Now let's test responses to a more scientifically dense question. In the embedded document, there's a paragraph on the effects of two specific hormones on appetite:

> Leptin and ghrelin appear to exert their effects on appetite primarily via the arcuate nucleus (ARC) of the hypothalamus, acting on two critical populations of neurons. (Fig. 1) One population produces neuropeptide Y (NPY) and agouti-related peptide (AgRP), orexigenic neurotransmitters co-localized to ARC neurons [[10]]. These neurons are directly stimulated by ghrelin, leading to increased food intake and body weight [[11]]. Leptin suppresses activity of NPY/AgRP neurons. A second population of neurons produces pro-opiomelanocortin (POMC), the precursor to several hormones, including α-melanocyte stimulating hormone (αMSH). αMSH binds to the melanocortin-3 and -4 receptors (MC3R and MC4R) which inhibits food intake and in mice alters energy expenditure [[12]]. Leptin stimulates these POMC-producing neurons, thus suppressing appetite. Overlap in the actions of the POMC and NPY/AgRP neurons occurs via the action of AgRP, which antagonizes the action of αMSH at the MC3R and MC4R [[13]].

Let's see how much detail the models can provide to a question on this.

In [62]:
question_3 = "Which neurons do leptin and ghrelin act on to affect appetite?
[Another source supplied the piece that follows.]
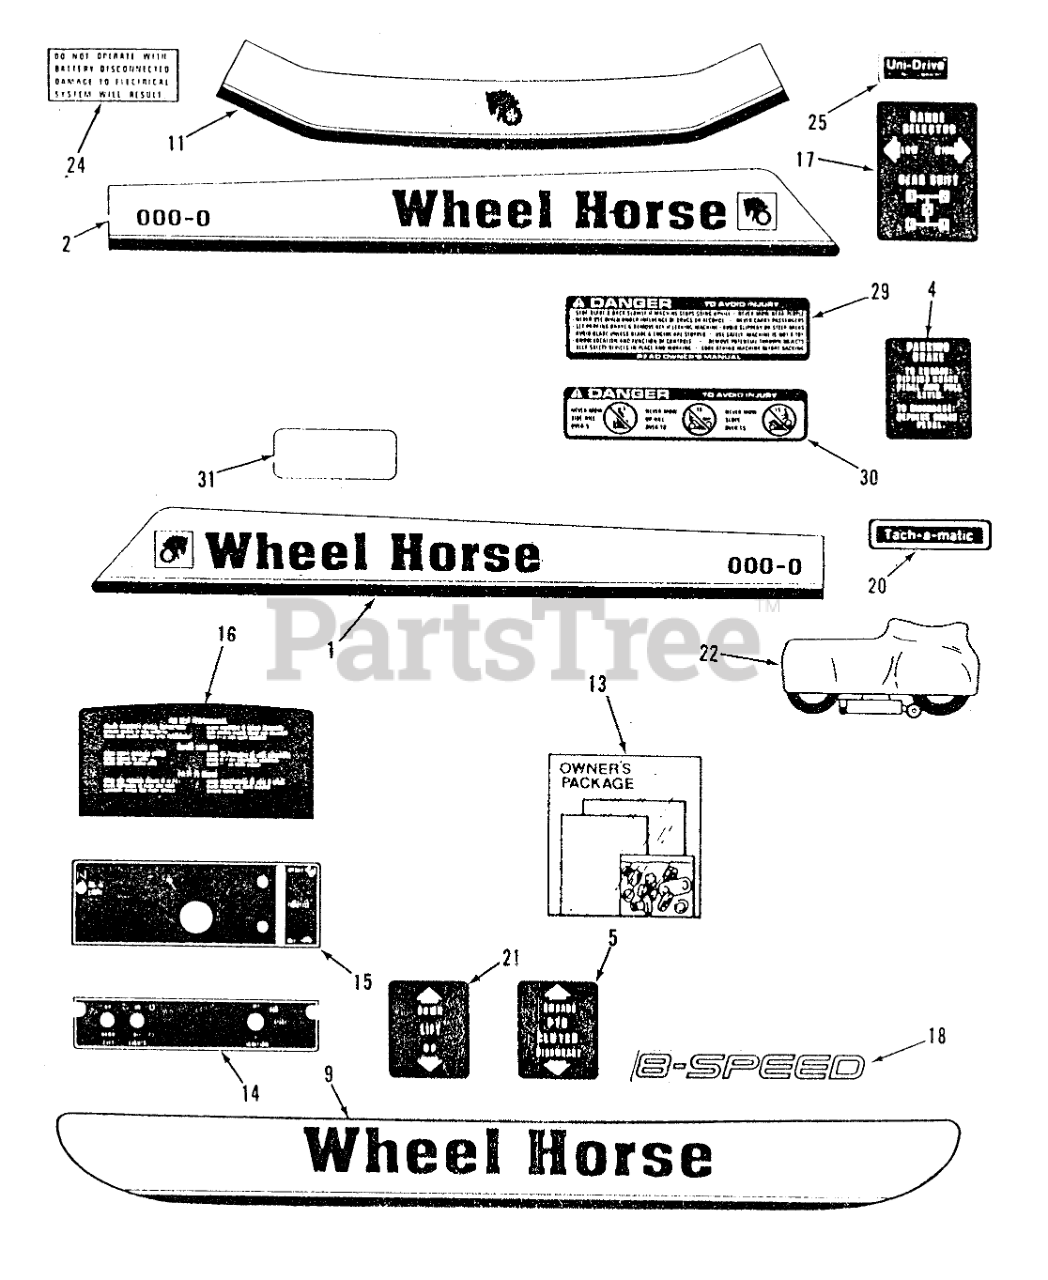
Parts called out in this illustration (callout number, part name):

Please cite sources."

In [63]:
get_llm_response(question_3)



Leptin and ghrelin are two hormones that play important roles in regulating appetite and metabolism. Leptin is produced by adipose tissue and acts on the hypothalamus to suppress appetite, while ghrelin is produced by the stomach and acts on the hypothalamus to stimulate appetite. Here are some key points about how these hormones act on neurons to affect appetite:

1. Leptin receptors: Leptin binds to its receptor, OB-Rb, on the surface of neurons in the hypothalamus, specifically in the arcuate nucleus and the paraventricular nucleus. This binding activates signaling pathways that suppress appetite and increase energy expenditure. (Source: Kunos et al., 2000)
2. Ghrelin receptors: Ghrelin binds to its receptor, GHSR, on the surface of neurons in the hypothalamus, specifically in the ventromedial nucleus. This binding activates signaling pathways that stimulate appetite and increase food intake. (Source: Mantei et al., 2009)
3. Neuronal circuits: Leptin and ghrelin act on specific ne

In [64]:
get_rag_response(question_3)

 Leptin and ghrelin act on two populations of neurons in the arcuate nucleus of the hypothalamus. The first population produces neuropeptide Y (NPY) and agouti-related peptide (AgRP), which are orexigenic neurotransmitters. Leptin suppresses activity of these neurons, while ghrelin directly stimulates them. The second population of neurons produces pro-opiomelanocortin (POMC), which is the precursor to several hormones, including α-melanocyte stimulating hormone (αMSH). Leptin stimulates these neurons, while ghrelin has no effect on them. Sources: [10], [11], [12], [13]

Sources:

Title: Neuroendocrine alterations in the exercising human: Implications for energy homeostasis
URL: https://www.metabolismjournal.com/article/S0026-0495(13)00020-6/fulltext
Text: Leptin and ghrelin appear to exert their effects on appetite primarily via the arcuate nucleus (ARC) of the hypothalamus, acting on two critical populations of neurons. (Fig. 1) One population produces neuropeptide Y (NPY) and agouti

#### Analysis

LLaMa provides a surprisingly good answer, citing specifics that must've been in its training data.

RAG also provies a good answer, pulling context primarily from the paragraph we hoped it would (which shows that the embeddings are somewhat good).